If a meaningless explanatory variable is included, you can notice it at the output of the summary function. First, generate a random number of as x4 that is independent to y. Then do multiple regression analysis again with the explanatory variables x1~x4.
x4 <- rnorm(100, 10, 4) result2 <- lm(y ~ x1 + x2 + x3 + x4) summary(result2)
summary function shows us the summary of regression analysis. It prints like following.
Call:
lm(formula = y ~ x1 + x2 + x3 + x4)
Residuals:
Min 1Q Median 3Q Max
-1.95356 -0.61666 -0.03673 0.74286 2.65140
Coefficients:
Estimate Std. Error t value Pr(>|t|)
(Intercept) 0.780315 1.227547 0.636 0.527
x1 0.856324 0.100668 8.506 2.55e-13 ***
x2 2.031220 0.047563 42.706 < 2e-16 ***
x3 3.041296 0.037908 80.228 < 2e-16 ***
x4 0.005898 0.024471 0.241 0.810
---
Signif. codes: 0 ‘***’ 0.001 ‘**’ 0.01 ‘*’ 0.05 ‘.’ 0.1 ‘ ’ 1
Residual standard error: 0.971 on 95 degrees of freedom
Multiple R-squared: 0.9887, Adjusted R-squared: 0.9882
F-statistic: 2078 on 4 and 95 DF, p-value: < 2.2e-16
Coefficient of x4 shown to be not significant. In other words, it can not be denied that the coefficient of x4 is not zero.
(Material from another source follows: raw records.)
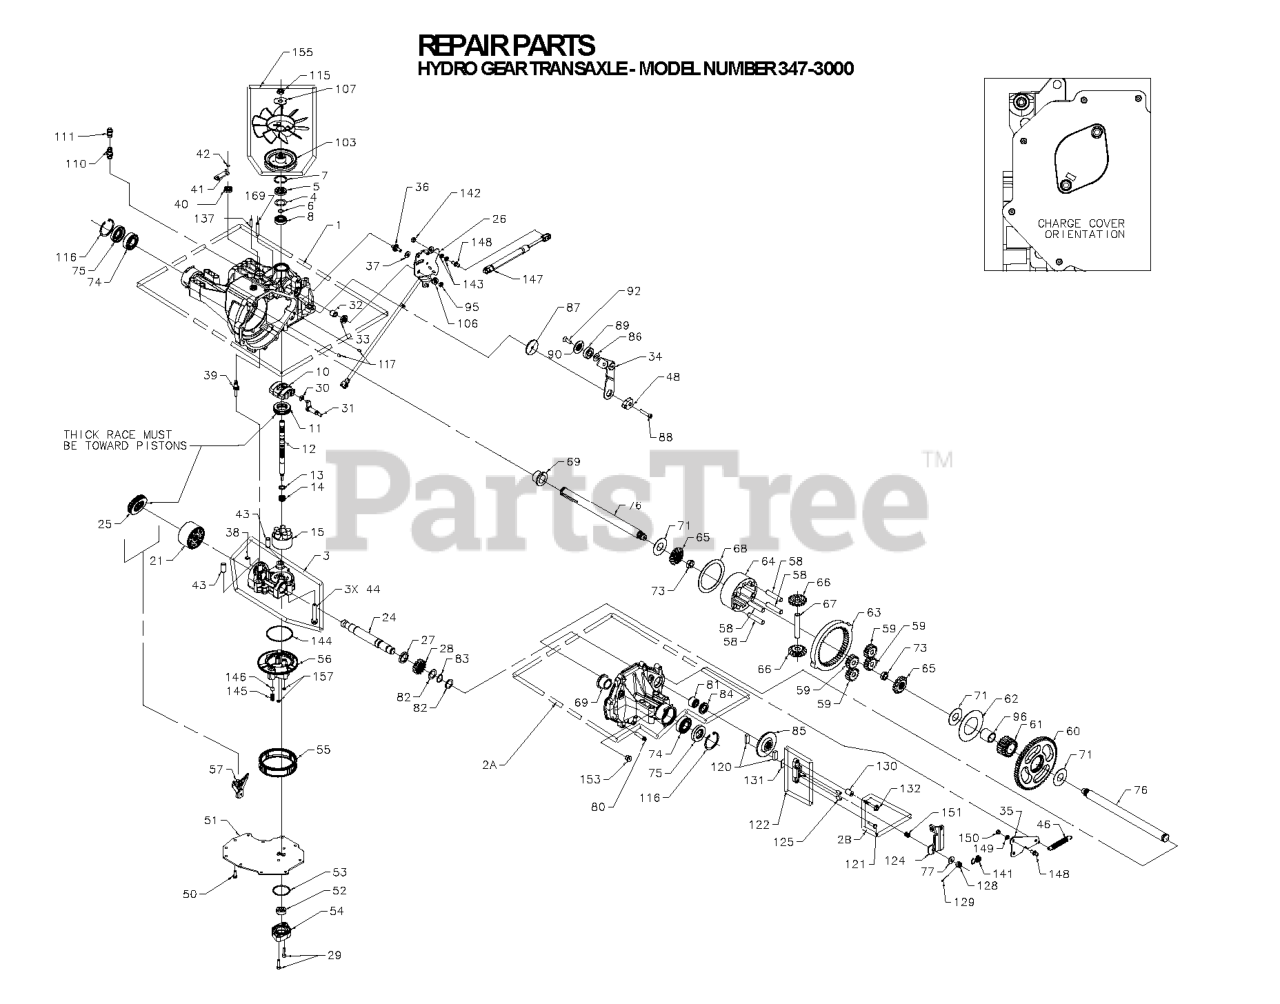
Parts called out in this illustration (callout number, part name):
5	SEAL.LIP.H-G.(9008000-0128)
6	RING RETAINING 2003016
7	RING.RETAINING.(2003052)
8	BALL BEARING
10	SWASHPLATE (2003087)
11	BEARING, THRUST 50551
14	SPRING 2003014
30	SLOT GUIDE
37	DAMPENER PUCK
39	BYPASS ACTUATOR
41	BYPASS ARM
42	RETAINING RING 44870
53	O-RING.HYDRO GEAR.9004101-1340
75	SHAFT, MOTOR
77	WASHER .34X.88X.06.44130
80	TORX.SCREW. 50868
95	NUT.LOCK.HX.(H-G PART 50108)
110	O-RING KIT 70110
111	CAP, VENT ASSY
120	BRAKE PUCK (44132)
121	BOLT W/NYLOCK 44433
125	BRAKE PIN 44127
128	CASTLE NUT
131	PUCK PLATE 44134
142	NUT 5/16-18 HEX LOCK 43064

If there may be irrelevant in the explanatory variable, stepwise method, the way of selecting the variables that are deemed appropriate one by one. It can be done by R automatically.
result3 <- lm(y~1) step(result3, direction="both", scope=list(upper=~x1+x2+x3+x4))
It prints like following.
Start: AIC=417.69
y ~ 1
Df Sum of Sq RSS AIC
+ x3 1 9548.9 1946.6 300.87
+ x2 1 1748.3 9747.2 461.96
11495.5 476.45
+ x4 1 2.8 11492.7 478.43
+ x1 1 0.8 11494.7 478.45
Step: AIC=300.87
y ~ x3
Df Sum of Sq RSS AIC
+ x2 1 1755.6 191.0 70.73
+ x1 1 113.9 1832.7 296.84
1946.6 300.87
+ x4 1 10.2 1936.4 302.34
- x3 1 9548.9 11495.5 476.45
Step: AIC=70.73
y ~ x3 + x2
Df Sum of Sq RSS AIC
+ x1 1 125.6 65.4 -34.43
+ x4 1 3.9 187.1 70.66
191.0 70.73
- x2 1 1755.6 1946.6 300.87
- x3 1 9556.2 9747.2 461.96
Step: AIC=-34.43
y ~ x3 + x2 + x1
Df Sum of Sq RSS AIC
65.4 -34.43
+ x4 1 0.5 65.0 -33.15
- x1 1 125.6 191.0 70.73
- x2 1 1767.2 1832.7 296.84
- x3 1 9679.7 9745.1 463.94
Call:
lm(formula = y ~ x3 + x2 + x1)
Coefficients:
(Intercept) x3 x2 x1
0.8057 3.0416 2.0323 0.8580
You will see that finally x4 are cut.